69. Restu

2.6K 65 3
                                    

Ceklek!

Pintu terbuka.

Seketika saja Amara dan yang lainnya langsung berdiri menatap Julian dengan tatapan lekat ingin tahu bagaimana Ayana setelah sekian lama pria itu di dalam. Amara khawatir, tadi ia sempat ingin menerobos masuk ke ruang rawat Ayana ketika mendengar isakan tangis dari putrinya itu. Namun niatnya urung ketika melihat dari kaca Ayana menangis dalam pelukan Julian.

"Julian, bagaimana Ayana?" Tanya Amara cepat.

Sebelum menjawab pertanyaan Amara, Julian mendudukkan dulu dirinya di salah satu kursi penunggu depan ruang rawat. Wajah lelah terlihat kontras dengan tatapan sayunya.

"Ana sudah mau makan, Aunty. Dia baik-baik saja, sekarang dia tertidur." Jawab Julian.

"Lalu kenapa dia tadi menangis? Kau tidak menyakitinya bukan?" Timpal Jericho membuka suara juga dengan wajah khawatir dan penasarannya.

Lirikan sinis Julian berikan mendengar pertanyaan Jericho.

Sorot matanya mendingin menatap pria itu dari ujung kepala hingga kaki. Dapat Julian lihat dengan jelas, sisa-sisa memar di wajah pria itu masih nampak, bahkan sudut mata kanannya membiru, sebelah tangannya diperban karena patah. Bukannya merasa bersalah, Julian malah tersenyum miring merasa luka itu masih kurang dengan penderitaan istrinya.

"Pertanyaanmu lucu sekali, Jericho Alderick. Kau menuduhku menyakiti Ana?" Julian terkekeh sarkas. "Sepertinya kau butuh cermin untuk menjawab pertanyaanmu itu,"

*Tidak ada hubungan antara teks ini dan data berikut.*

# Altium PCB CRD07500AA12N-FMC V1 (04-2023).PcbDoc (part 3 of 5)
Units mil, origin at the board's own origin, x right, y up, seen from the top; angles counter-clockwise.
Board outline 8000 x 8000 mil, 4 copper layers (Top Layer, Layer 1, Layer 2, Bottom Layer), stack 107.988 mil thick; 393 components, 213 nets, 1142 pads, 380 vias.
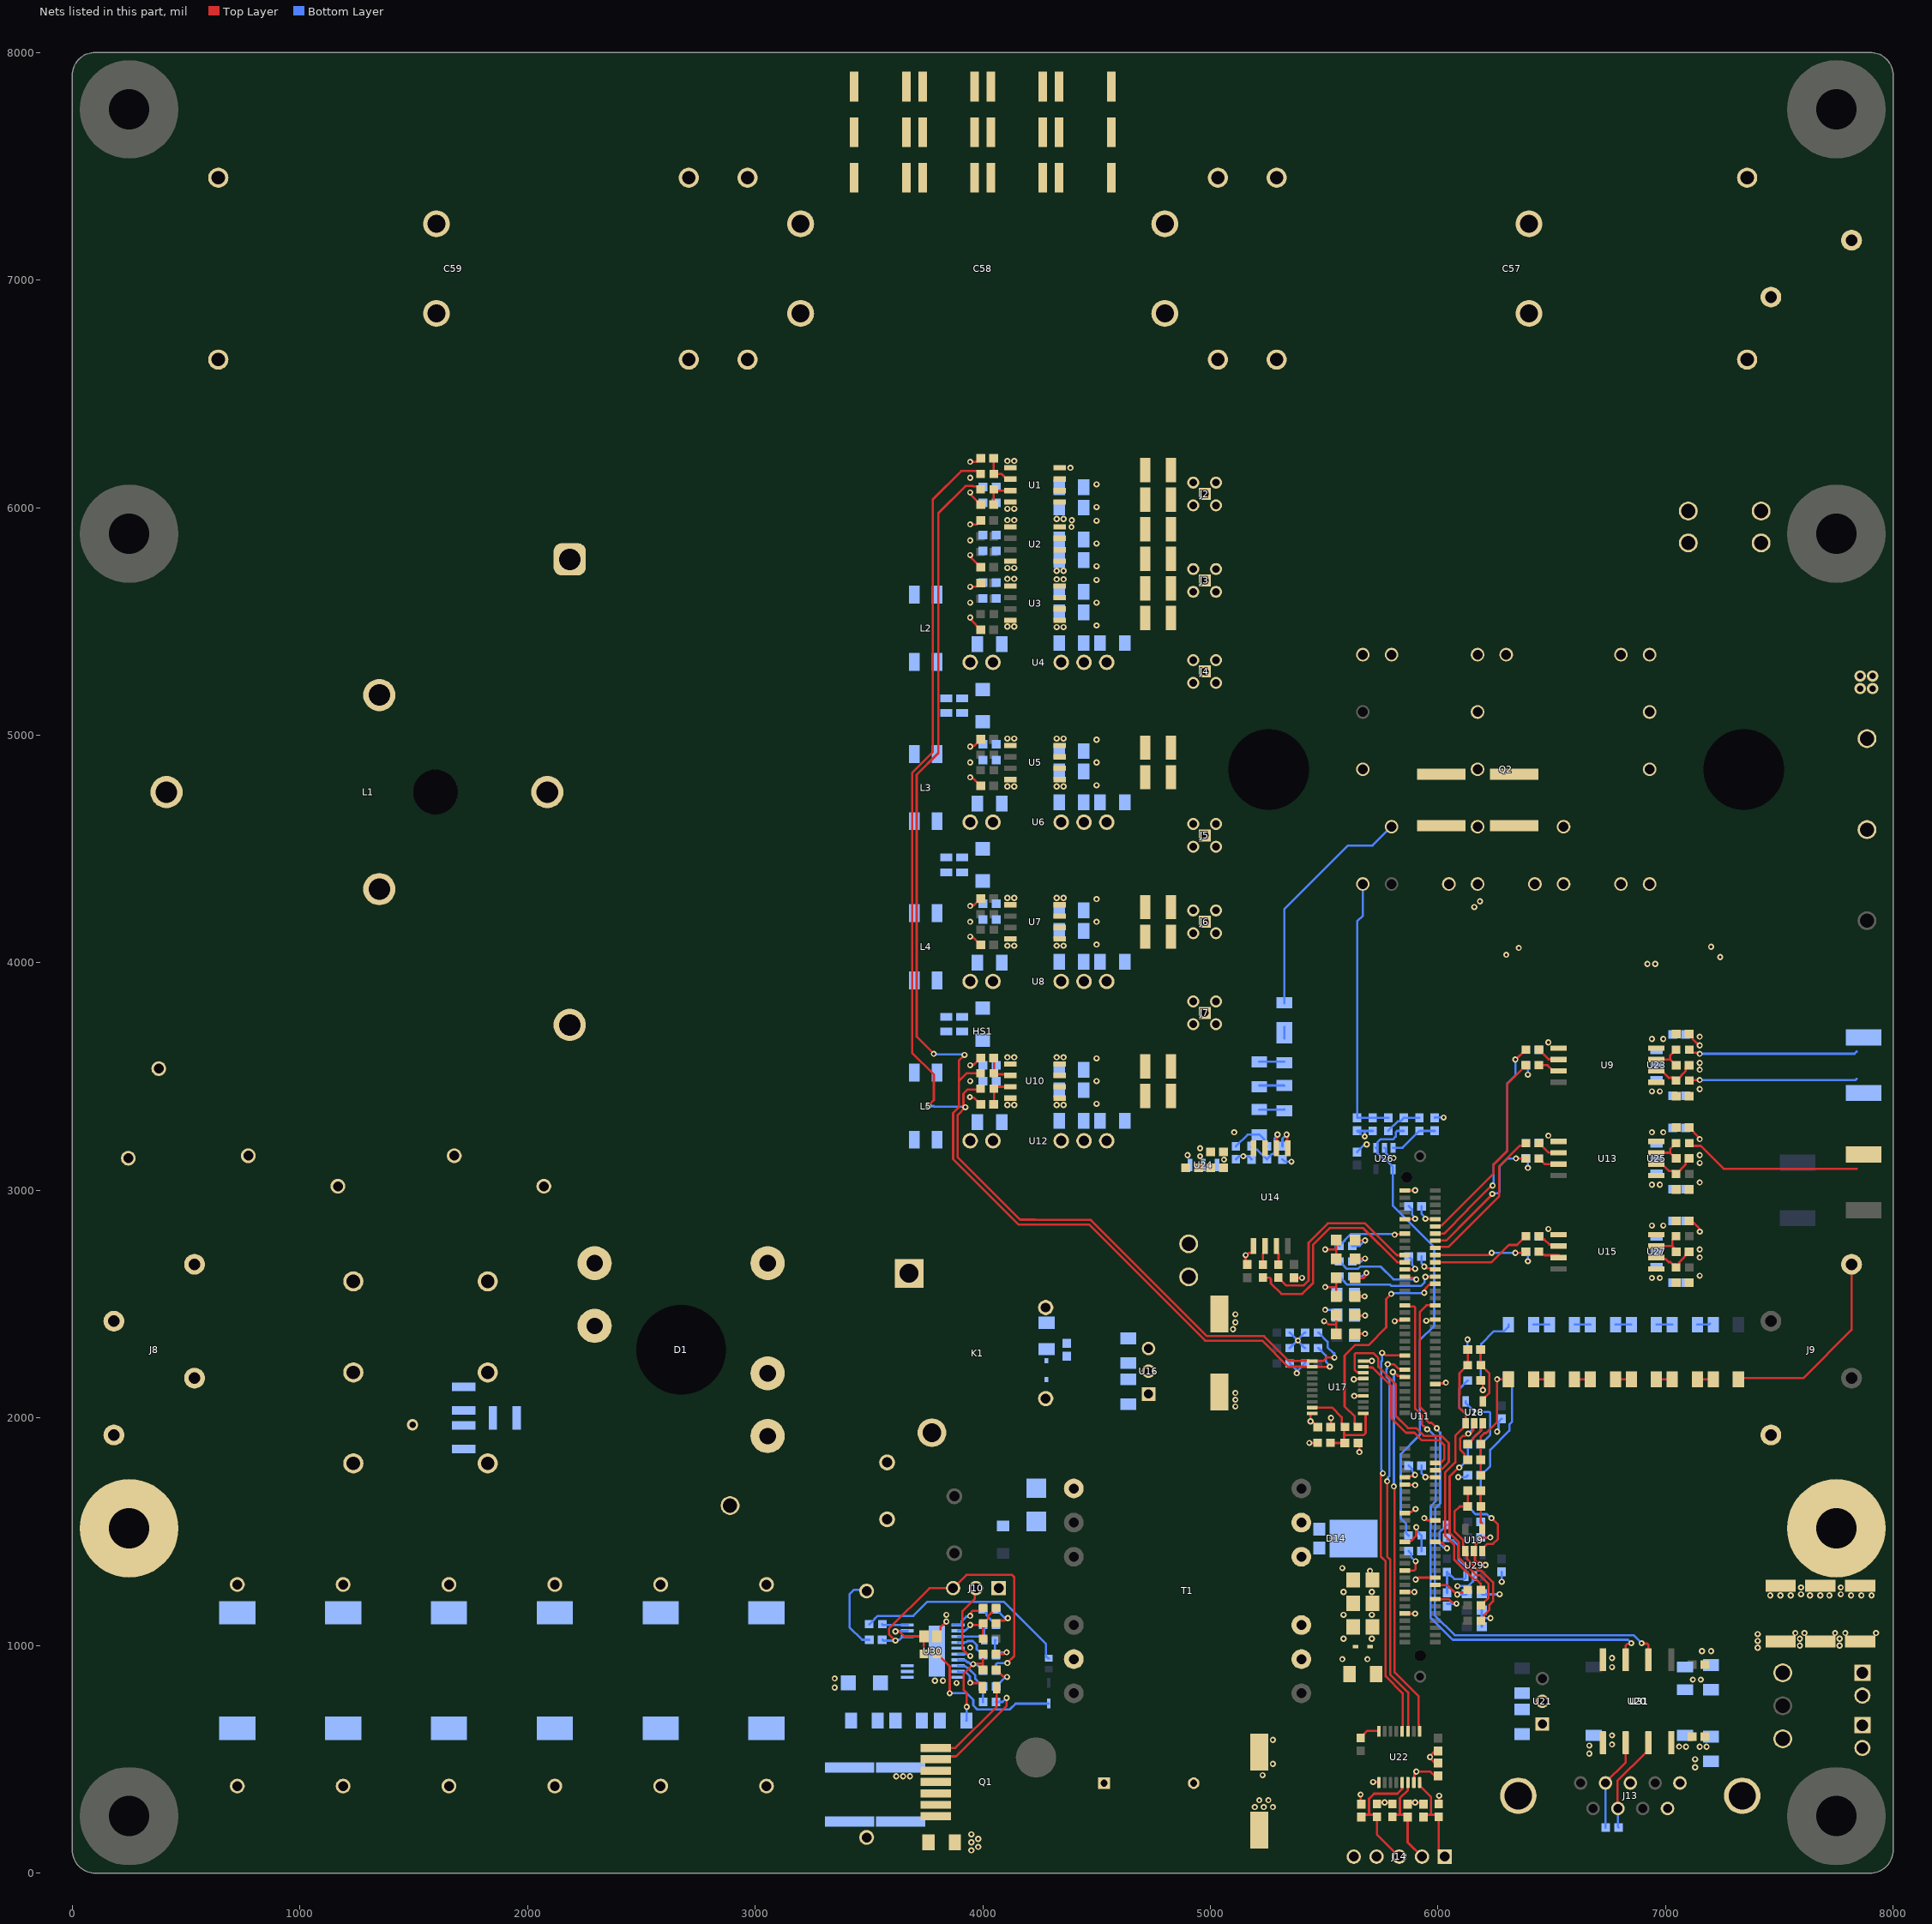
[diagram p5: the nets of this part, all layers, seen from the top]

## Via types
v1: diameter 27, hole 13, Top Layer to Bottom Layer, tented both sides, 367 vias
v2: diameter 50, hole 28, Top Layer to Bottom Layer, tented both sides, 13 vias

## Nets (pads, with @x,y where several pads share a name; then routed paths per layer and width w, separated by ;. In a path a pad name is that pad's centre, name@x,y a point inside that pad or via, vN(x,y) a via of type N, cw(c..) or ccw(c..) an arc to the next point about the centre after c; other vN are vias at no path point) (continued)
+5V: C32.1 C52.1 C65.1 C66.1 C68.1 C70.1 C72.1 C74.1 C79.1 C81.1 C86.1 C88.1 C96.1 C98.1 C114.1 C118.1 C120.1 C126.1 C146.1 J14.4 R78.2 R79.2 R80.2 R104.2 TP13.1 U1.1 U2.1 U3.1 U5.1 U7.1 U10.1 U11.48 U11.84 U11.98 U11.112 U11.120 U16.3 U17.20 U22.15 U31.2 | length 825.5
  Top Layer w10: U17.20@5447.8,2019.84 5442.87,2019.84 5440,2016.97 v1(5440,1985) 5443.25,1981.75 5450.15,1981.75 5471.9,1960 C32.1@5472.85,1960 ; R78.2@5732,303.62 5738.38,310 5793.62,310 R79.2@5800,303.62 ; v1(5810,2425) 5813.25,2428.25 5851.28,2428.25 U11.84@5855,2431.97 U11.84@5859.84,2436.81 ; U11.48@5855,1739.06 5859.84,1743.9 5889.02,1743.9 5894.74,1749.61 v1(5899.34,1749.61) ; U11.98@5855,2652.44 5856.28,2653.72 5898.72,2653.72 v1(5900,2655) ; U11.112@5855,2872.91 5856.04,2873.96 5898.96,2873.96 v1(5900,2875) ; U11.120@5855,2998.9 5855.55,2999.45 5899.45,2999.45 v1(5900,3000) ; U22.15@5896.18,397.8 5896.18,432.38 5905,441.2 v1(5905,445.8) 5965.62,445.8 5970.19,441.24 5971.14,441.24 5985,427.37 C52.1@5985,426.42 ; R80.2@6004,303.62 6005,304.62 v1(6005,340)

Jericho membeku saat itu juga.

"Tapi sungguh Ana sudah mau makan?" Thomas menghiraukan perang dingin antara Julian dan Jericho. Pria itu lebih ingin tahu keadaan Ayana.

Julian mengangguk singkat. Berinteraksi dengan Thomas jelas berbeda dengan Jericho. Julian masih ada rasa segan, malu, dan tidak enak dibalik kemarahannya pada ayah mertuanya itu mengingat masalah kesalahpahaman sebelumnya. Ia masih punya sedikit etika berlaku sopan di hadapan Thomas, berbeda dengan Jericho.

"Dia mau berbicara denganmu, Julian?" Tanya Amara tiba-tiba.

Julian mengangguk mengiyakan.

Sorot mata Amara tiba-tiba berlapis cairan bening kembali yang perlahan mulai berjatuhan. "Apa dia marah padaku juga? Ay tadi sama sekali tidak mau bicara denganku dan hanya merespon gelengan kepala saja. Apa dia juga kecewa padaku?" Lirih Amara sedih.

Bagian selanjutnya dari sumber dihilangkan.